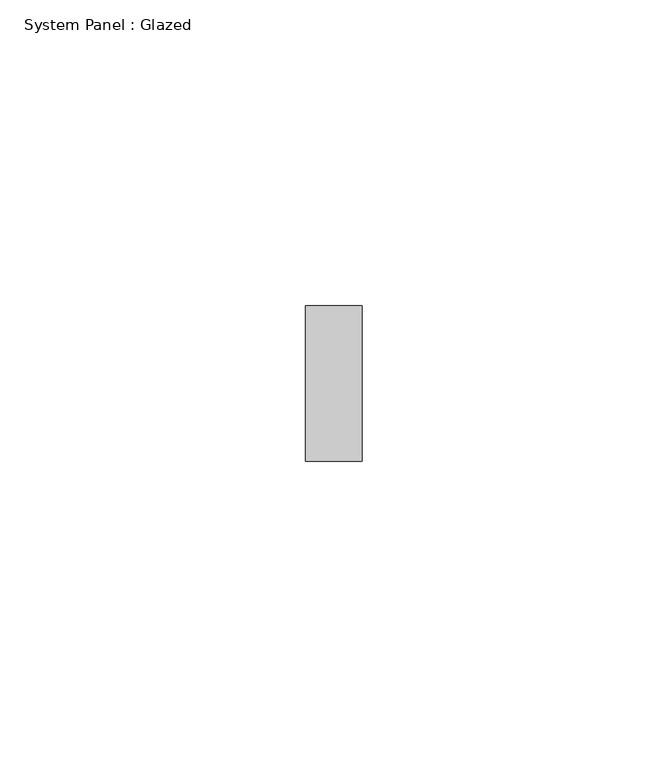
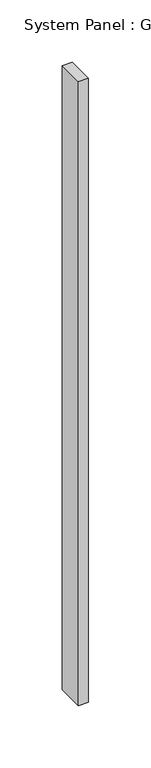
"""IFC4 building model written with IfcOpenShell, lengths in millimetres: plate geometry, System Panel : Glazed."""

from ifc_helpers import new_model, si_unit, origin, origin_with_axes, place, context, project, spatial, polyline, outline, extrude, source, transform, mapped, element, save


def system_panel_glazed_b8323001(model_context):
    return source(origin(), model_context, "Body", "SweptSolid", [
        extrude(outline(polyline([(4.6013366, 19.05), (-4.6013366, 19.05), (-4.6013366, 44.45), (4.6013366, 44.45), (4.6013366, 19.05)])), origin_with_axes(), (0.0, 0.0, 1.0), 609.6),
    ])


if __name__ == "__main__":
    model = new_model("IFC4")
    model_context = context("Model", 3, world=origin())
    ifc_project = project(units=[si_unit("LENGTHUNIT", "METRE", prefix="MILLI")], contexts=[model_context])
    site = spatial("IfcSite", under=ifc_project)
    building = spatial("IfcBuilding", under=site)
    placement = place(None, origin())
    system_panel_glazed_shape = system_panel_glazed_b8323001(model_context)
    element("IfcPlate", 1, ObjectType="System Panel : Glazed", at=placement, inside=building, context=model_context, shape_type="MappedRepresentation", body=[
        mapped(system_panel_glazed_shape, transform((0.0, 0.0, 0.0), x_axis=(1.0, 0.0, 0.0), y_axis=(0.0, 1.0, 0.0), z_axis=(0.0, 0.0, 1.0))),
    ])
    save(model, "model.ifc")

# Revit data of these elements
# Element 1 (IfcPlate, "System Panel : Glazed")
#   Materials on its faces: "Glass"
# Materials
#   "Glass": class "Glass", colour RGB 0 128 192, transparency 0.75

::::

== AIM OF THE EXERCISE ==
When you retype the listing above, keep each line exactly as written and drop the pictures.

== PROBLEM SOLUTION ==
"""IFC4 building model written with IfcOpenShell, lengths in millimetres: plate geometry, System Panel : Glazed."""

from ifc_helpers import new_model, si_unit, origin, origin_with_axes, place, context, project, spatial, polyline, outline, extrude, source, transform, mapped, element, save


def system_panel_glazed_b8323001(model_context):
    return source(origin(), model_context, "Body", "SweptSolid", [
        extrude(outline(polyline([(4.6013366, 19.05), (-4.6013366, 19.05), (-4.6013366, 44.45), (4.6013366, 44.45), (4.6013366, 19.05)])), origin_with_axes(), (0.0, 0.0, 1.0), 609.6),
    ])


if __name__ == "__main__":
    model = new_model("IFC4")
    model_context = context("Model", 3, world=origin())
    ifc_project = project(units=[si_unit("LENGTHUNIT", "METRE", prefix="MILLI")], contexts=[model_context])
    site = spatial("IfcSite", under=ifc_project)
    building = spatial("IfcBuilding", under=site)
    placement = place(None, origin())
    system_panel_glazed_shape = system_panel_glazed_b8323001(model_context)
    element("IfcPlate", 1, ObjectType="System Panel : Glazed", at=placement, inside=building, context=model_context, shape_type="MappedRepresentation", body=[
        mapped(system_panel_glazed_shape, transform((0.0, 0.0, 0.0), x_axis=(1.0, 0.0, 0.0), y_axis=(0.0, 1.0, 0.0), z_axis=(0.0, 0.0, 1.0))),
    ])
    save(model, "model.ifc")

# Revit data of these elements
# Element 1 (IfcPlate, "System Panel : Glazed")
#   Materials on its faces: "Glass"
# Materials
#   "Glass": class "Glass", colour RGB 0 128 192, transparency 0.75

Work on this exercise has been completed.